#### Required action:
Could you repeat the entries below exactly, but only from the line with "Material: Generic" through the line with "C19 C45 C46", and without any picture?

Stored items

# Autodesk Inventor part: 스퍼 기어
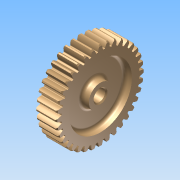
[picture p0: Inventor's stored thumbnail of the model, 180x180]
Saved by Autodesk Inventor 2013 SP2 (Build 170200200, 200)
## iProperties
Created: 2025-10
Part Number: 스퍼 기어
Material: Generic
Document SubType Name: Modeling
Designer: 601
Density: 1 g/cm^3
Author: 601
변환 표준: STEP AP214IS
전처리기: Build: 200, Release: 2013 SP2 Update 6 - Date: Thu 07/17/2014
전송 단위: 밀리미터
불확실성: 0.01
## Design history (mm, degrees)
node "스퍼 기어1"
node "솔리드1"
node "기준1"
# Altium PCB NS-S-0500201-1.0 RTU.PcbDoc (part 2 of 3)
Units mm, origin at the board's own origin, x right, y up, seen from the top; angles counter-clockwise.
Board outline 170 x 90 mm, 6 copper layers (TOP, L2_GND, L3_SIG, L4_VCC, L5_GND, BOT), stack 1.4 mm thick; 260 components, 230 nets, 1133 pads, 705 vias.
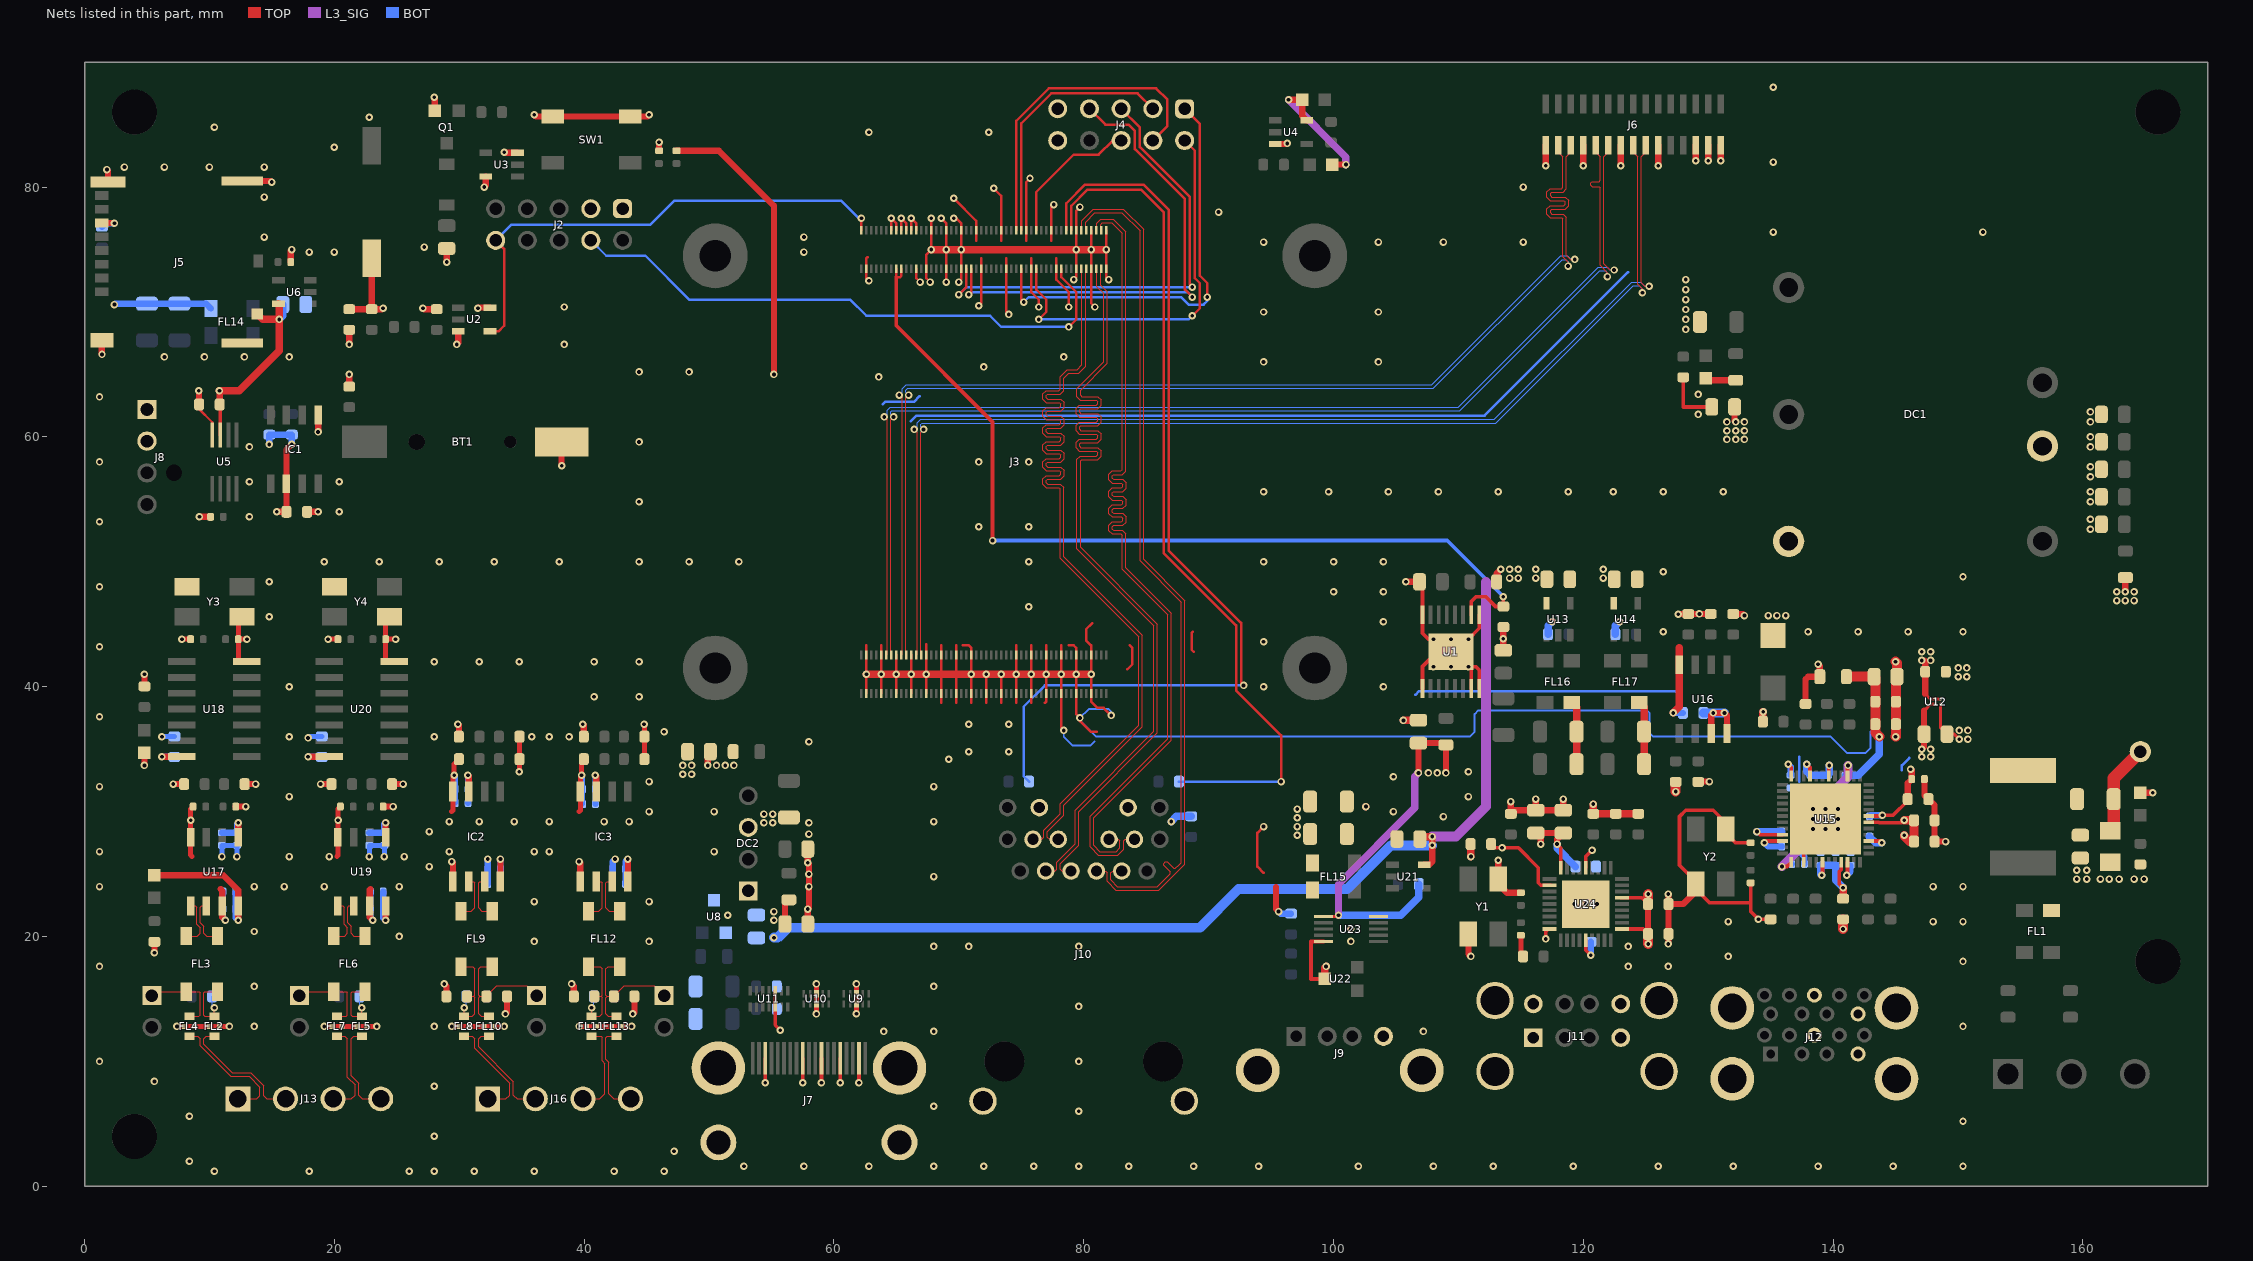
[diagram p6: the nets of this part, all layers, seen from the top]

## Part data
3V3 5V 5V_ISO 24V CPU_RUN PWR_ON: "Standard LEDs - SMD SMD 1608(mm) GREEN", Package=1608, PartNo.="LED GREEN[1608]"
BT1: "Battery Holder (CR1220 Need)", Package="Battery holder 1220 SMD"
C1 C2 C3 C4 C5: "MLCC - SMD/SMT 35V X5R +/-20% 2012(mm)", Package=2012
C8 C11: "Multilayer Ceramic Capacitors MLCC - SMD/SMT 2Kvolts 1000pF 10% X7R", Package=3216
C9 C10 C12 C13 C16 C17 C18 C29 C30 C35 C36 C37 C64 C67 C68 C77: "MLCC - SMD/SMT 50V X5R +/-10% 2012(mm)", Package=2012
C14 C15 C26: library part "C [3216]_10V", "MLCC - SMD/SMT 10V X5R +/-10% 3216(mm)", Package=3216
C19 C45 C46 C47 C48 C49 C53 C54 C55 C56 C57 C58 C61 C62 C65 C66 C85 C86 C88 C89 C90 C91 C93 C94 C95 C96 C98 C99 C100 C101 C102 C103 C104 C105 C106 C107 C108 C109 C112 C113 C114 C115: "MLCC - SMD/SMT 50V X5R +/-10% 1005(mm)", Package=1005
C20 C21 C22 C23 C24 C25 C33 C34 C38 C39 C40 C41 C42 C43 C44 C50 C51 C52 C59 C60 C63 C78 C79 C80 C81 C82 C83 C84 C87 C92 C97 C110 C111 C116 C117: "MLCC - SMD/SMT 50V X5R +/-10% 1608(mm)", Package=1608
C27 C28 C31 C32 C69 C70 C71 C72 C73 C74: "MLCC - SMD/SMT 50V X5R +/-10% 3216(mm)", Package=3216
D1: "Diodes - General Purpose, Power, Switching SURFACE MOUNT FAST SWITCHING DIODE", Manufacturer_Name="Diodes Inc.", Mouser Part Number=621-1N4148W-F, Package=SOD-123
D2: "Schottky Diodes & Rectifiers 1.0 Amp 40 Volt", Package="SMA (DO-214AC)"
DC1: "20W isolated DC-DC converter DIP package, Ultra-wide input and regulated single output", Package="6-DIP Module"
DC2: "Isolated Module DC DC Converter 1 Output 5V 600mA 4.5V - 5.5V Input", Package="4-SIP Module", Supplier Part Number 1=945-2626-ND
FGND: "TEST POINT 1PI", Package="1mm lead", PartNo.=ST-1-1
FL1 FL14 FL15 FL16 FL17: "CMC,filter , 3.2x2.5x2.2mm,500ohm+/-25%,2A,shd", Package=3225
FL2 FL4 FL5 FL7 FL8 FL10 FL11 FL13: library part YFF18SC1H222M, "Eia Case Size: 0603, Voltage: 50, Cap Value: 472, Tol: +/-20%, Thickness: 0.60 ± 0.10", Arrow Part Number=YFF18SC1H222MT0H0N, Capacitance=4.7nF, Case Code (Imperial)=0603, Case Code (Metric)=1608, Current=1A, DC Resistance (DCR)=300mR, Manufacturer=TDK, Max Operating Temperature=125°C, Min Operating Temperature=-55°C, Supplier Part Number 1=445-16139-1-ND, Tolerance=20%, Voltage Rating=50V
FL3 FL6 FL9 FL12: "CMC 11UH 360MA 2LN SMD AEC-Q200", Case Code (Imperial)=1812, Case Code (Metric)=4532, Current=360mA, DC Resistance (DCR)=500mR, Inductance=11uH, Manufacturer=Murata, Manufacturer_Name="Murata Electronics", Max Operating Temperature=125°C, Min Operating Temperature=-40°C, Mouser Part Number=81-DLW43SH110XK2L, Package Quantity=1, Test Frequency=100MHz, Tolerance=50%
FUSE1: "Resettable Fuses - PPTC PTC RESETTABLE 1.85A 33V SMD 2920", Package=2920(7351), Supplier Part Number 1=652-MF-LSMF185/33X-2
H1 H2 H3 H4: "HOLE", Package=Hole
IC1: "DS3232M Series 4.5 V ±5 ppm Surface Mount I2C Real-Time Clock - SOIC-8", Case/Package=SOIC, Manufacturer=Maxim, Manufacturer_Name="Maxim Integrated", Max Operating Temperature=85°C, Max Supply Voltage=4.5V, Min Operating Temperature=-40°C, Min Supply Voltage=2.3V, Mouser Part Number=700-DS3232MZ+, Package=SOIC-8, Package Quantity=100
IC2 IC3: "RS422/RS485 Transceiver, -40 to 85DEG C Rohs Compliant: Yes", Manufacturer=Maxim, Package=SOIC-Wide-8, PartNo.=MAX22026AWA+, Supplier Part Number 1=700-MAX22026AWA+
J1: "Connector"
J2 J4: "Headers & Wire Housings 10P M PIN HEADER DR STRAIGHT TYPE GOLD", Package="2.54mm Dual 26pin Header straight type", Supplier Part Number 1=798-A110PA254DSA71
J3: "Board to Board & Mezzanine Connectors 100P 2R 3MM RECPT SMT VERT 0.4MM PITCH", Package="0.4mm 100p", Supplier Part Number 1=798-DF40HC30100DS451
J5: "Memory Card Connectors MICRO SD PUSH/PUSH NORMAL 1.28MM 8C", Package="Micro SD"
J6: "Raspberry Pi Accessories Replacement CSI/DSI Connector for Raspberry Pi - Repair Part", Package="FPC 1mm 15pin", Supplier Part Number 1=485-4728
J7: library part 2086581051, "HDMI 2.1 Receptacle Connector 19 Position Surface Mount, Right Angle; Through Hole", Package=HDMI, Supplier Part Number 1=538-208658-1051
J8: "KK 254 Vertical Header, with Friction Lock, 4 Circuits, PC Tail Length 3.50mm, Bag", Current Rating=4A, Housing Color=Beige, Max Operating Temperature=75°C, Min Operating Temperature=0°C, Package Quantity=12000, Supplier Part Number=538-47053-1000, Voltage Rating=250V
J9: "USB 2.0 A/F Connector, Right angle", Package="USB2.0 A/F"
J10: "Gigabit Ethernet Connectors 8/8 RA Magnetic Jack Grn/Orange/Grn LED", Package=RJ45, Supplier Part Number 1=538-85793-1003
J11: "USB 2.0 A/F 2 stack Connector, Right angle", Package="USB2.0 A/F"
J12: "USB 3.0 A/F 2 stack Connector, Right angle", Package="USB3.0 A/F"
J13 J16: "Through Hole 4p right angle DIP (MRT8P3.81-04P need)", Package="Through Hole 4p right angle DIP"
J14 J15 J17 J18: "Headers & Wire Housings 2P M PIN HEADER SR STRAIGHT TYPE GOLD", Package="2P Dual Straight DIP Through Hole", Supplier Part Number 1=H123034-ND
L1 L2 L5 L6 L7 L8 L9 L10 L11 L12: "Ferrite Beads Multi-Layer 120Ohm 25% 100MHz 3A 30mOhm DCR 0805 Paper T/R", Case Code (Imperial)=0805, Case Code (Metric)=2012, Current Rating=3A, DC Resistance (DCR)=30mR, Manufacturer=Murata, Max Operating Temperature=125°C, Min Operating Temperature=-55°C, Package="SMD 2012", Package Quantity=1, Supplier Part Number 1=81-BLM21PG121SN1D, Test Frequency=100MHz, Tolerance=25%
LS1: "9 mm, 5 Vdc, 90 dB, SMD Passive, Magnetic Audio Indicator Buzzer"
Q1: "MOSFET (N-Channel)", Manufacturer_Name="ON Semiconductor", Mouser Part Number=512-BSS138
R1 R2 R3 R4 R8 R9 R12 R13 R14 R15 R21 R22 R28 R29 R30 R31 R32 R33 R34 R35 R36 R37 R38 R39 R40 R41 R42 R43 R44 R45 R46 R47 R48 R49 R50 R51 R52 R53 R54 R55 R56 R57 R58 R59 R60: "SMD  Chip Resistor +/-5% 1608(mm)", Package=1608/J
R5: "SMD  Chip Resistor +/-5% 2012(mm)", Package=2012/J
R6 R11: "SMD  Chip Resistor +/-1% 1608(mm)", Package=1608
R7: "SMD  Chip Resistor +/-1% 2012(mm)"
R10 R16 R17: "SMD  Chip Resistor +/-1% 1005(mm)", Package=1005/F
SW1: "SMD type SWITCH", Package="SMD Switch"
U1: "LDO Regulator Pos 3.3V 3A 16-Pin TSSOP EP", Case/Package=TSSOP, Dropout Voltage=340mV, Manufacturer="Analog Devices / Linear Technology", Manufacturer_Name="Analog Devices", Max Operating Temperature=125°C, Min Current Limit=3.1A, Min Operating Temperature=-40°C, Mouser Part Number=584-LT1764EFE-3.3PBF, Output Current=3A, Output Voltage=3.3V, Package=TSSOP-16, Package Quantity=95
U2 U3 U4: "Buffers & Line Drivers Single Schmitt-Trgr", Package=SOT-23-5, PartNo.=SN74LVC1G17DBV, Supplier Part Number 1=595-SN74LVC1G17DBVR
U5: "Board Mount Temperature Sensors Single RPB-Based PWM Fan Speed CNTRL", Package=MSOP-8, Supplier Part Number 1=886-EMC2301-1-ACZLTR
U6: "Power Switch ICs - Power Distribution 70mohm, 1A High-Side Power Switches with flag", Package=TSOT-23-5, Supplier Part Number 1=835-RT9742GGJ5
U8: "Power Switch ICs - Power Distribution 70mohm, 0.5A High-Side Power Switches, Current Limiter", Package=SOT-23-3, Supplier Part Number 1=835-RT9742SNGV
U9 U10: "ESD Suppressors / TVS Diodes Quad 0.5-pF, 3.6-V, 12-kV ESD protection diode for USB &amp; HDMI 10-USON -40 to 125", Package=USON-10, Supplier Part Number 1=595-ESD224DQAR
U11: "ESD Suppressors / TVS Diodes 6-CH lo cap IEC ESD protect diodes", Package=USON-14
U12: "LDO Voltage Regulators 3V~5.5V to 1.05V 1A ultra low-dropout LDO bias", Package=WLCSP-6, Supplier Part Number 1=511-LD57100J105R
U13 U14 U21: "Power Switch ICs - Power Distribution 70mohm, 2A High-Side Power Switches with flag", Package=TSOT-23-5, Supplier Part Number 1=835-RT9742CGJ5
U15: "PD720202 is a USB host controller LSI compatible with the USB 3.0 and xHCI (eXtensible Host Controller Interface) 1.0 specifications. The system bus is compatible with the PCIe Gen2 specification. The controller provides two USB ports with LS (Low-Speed) / FS (Full-Speed) / HS (High-Speed) / SS (SuperSpeed) support.PD720202 comes in a 48-pin QFN package and has the following improvements over previous products.	Reduced power consumption in low-power mode to 4.5mW, a reduction of 90% compared with Renesas", Manufacturer_Name="Renesas Electronics", Mouser Part Number=968-D720202K8701BAAA, Package=QFN-48
U16: "NOR Flash 512 Kbit, 3.0V (2.3V to 3.6V), -40C to 85C, SOIC-N 150mil (Tube), Single, Dual SPI NOR flash", Package=8-SOIC
U17 U19: "CAN Interface IC Isolated CAN FD transceiver in small package 8-SOIC -40 to 125", Package=8-SOIC, Supplier Part Number 1=595-ISO1044BD
U18 U20: "CAN Interface IC Stand-alone Low Power CAN FD Controller s/SPI Interface Grade 0", Package=SOIC-14
U22: "ESD Suppressors / TVS Diodes 2Ch ESD Solution", Package=SOT-3, PartNo.=Package
U23: "USB Switch ICs Low Power, Two-Port USB 2.0 (480Mbps)", Package=MSOP-10, Supplier Part Number 1=512-FSUSB42MUX
U24: "USB Interface IC 2-Port USB 2.0 Hi-Speed Hub Cont", Package=SQFN-36, Supplier Part Number 1=579-USB2512B-I/M2
Y1 Y2: "Crystal 24MHz ±30ppm (Tol) ±50ppm (Stability) 20pF FUND 80Ohm 4-Pin Mini-SMD T/R", Package="5 mm x 3.2 mm", Supplier Part Number 1=520-ECS-240-20-30B
Y3 Y4: "Crystal 40MHz ±30ppm (Tol) ±100ppm (Stability) 20pF FUND 100Ohm 4-Pin Mini-SMD T/R", Package="5 mm x 3.2 mm", Supplier Part Number 1=520-400-20-30B-DU

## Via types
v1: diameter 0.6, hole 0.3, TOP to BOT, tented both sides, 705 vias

#### Answer box:
Material: Generic
Document SubType Name: Modeling
Designer: 601
Density: 1 g/cm^3
Author: 601
변환 표준: STEP AP214IS
전처리기: Build: 200, Release: 2013 SP2 Update 6 - Date: Thu 07/17/2014
전송 단위: 밀리미터
불확실성: 0.01
## Design history (mm, degrees)
node "스퍼 기어1"
node "솔리드1"
node "기준1"
# Altium PCB NS-S-0500201-1.0 RTU.PcbDoc (part 2 of 3)
Units mm, origin at the board's own origin, x right, y up, seen from the top; angles counter-clockwise.
Board outline 170 x 90 mm, 6 copper layers (TOP, L2_GND, L3_SIG, L4_VCC, L5_GND, BOT), stack 1.4 mm thick; 260 components, 230 nets, 1133 pads, 705 vias.
[diagram p6: the nets of this part, all layers, seen from the top]

## Part data
3V3 5V 5V_ISO 24V CPU_RUN PWR_ON: "Standard LEDs - SMD SMD 1608(mm) GREEN", Package=1608, PartNo.="LED GREEN[1608]"
BT1: "Battery Holder (CR1220 Need)", Package="Battery holder 1220 SMD"
C1 C2 C3 C4 C5: "MLCC - SMD/SMT 35V X5R +/-20% 2012(mm)", Package=2012
C8 C11: "Multilayer Ceramic Capacitors MLCC - SMD/SMT 2Kvolts 1000pF 10% X7R", Package=3216
C9 C10 C12 C13 C16 C17 C18 C29 C30 C35 C36 C37 C64 C67 C68 C77: "MLCC - SMD/SMT 50V X5R +/-10% 2012(mm)", Package=2012
C14 C15 C26: library part "C [3216]_10V", "MLCC - SMD/SMT 10V X5R +/-10% 3216(mm)", Package=3216
C19 C45 C46 C47 C48 C49 C53 C54 C55 C56 C57 C58 C61 C62 C65 C66 C85 C86 C88 C89 C90 C91 C93 C94 C95 C96 C98 C99 C100 C101 C102 C103 C104 C105 C106 C107 C108 C109 C112 C113 C114 C115: "MLCC - SMD/SMT 50V X5R +/-10% 1005(mm)", Package=1005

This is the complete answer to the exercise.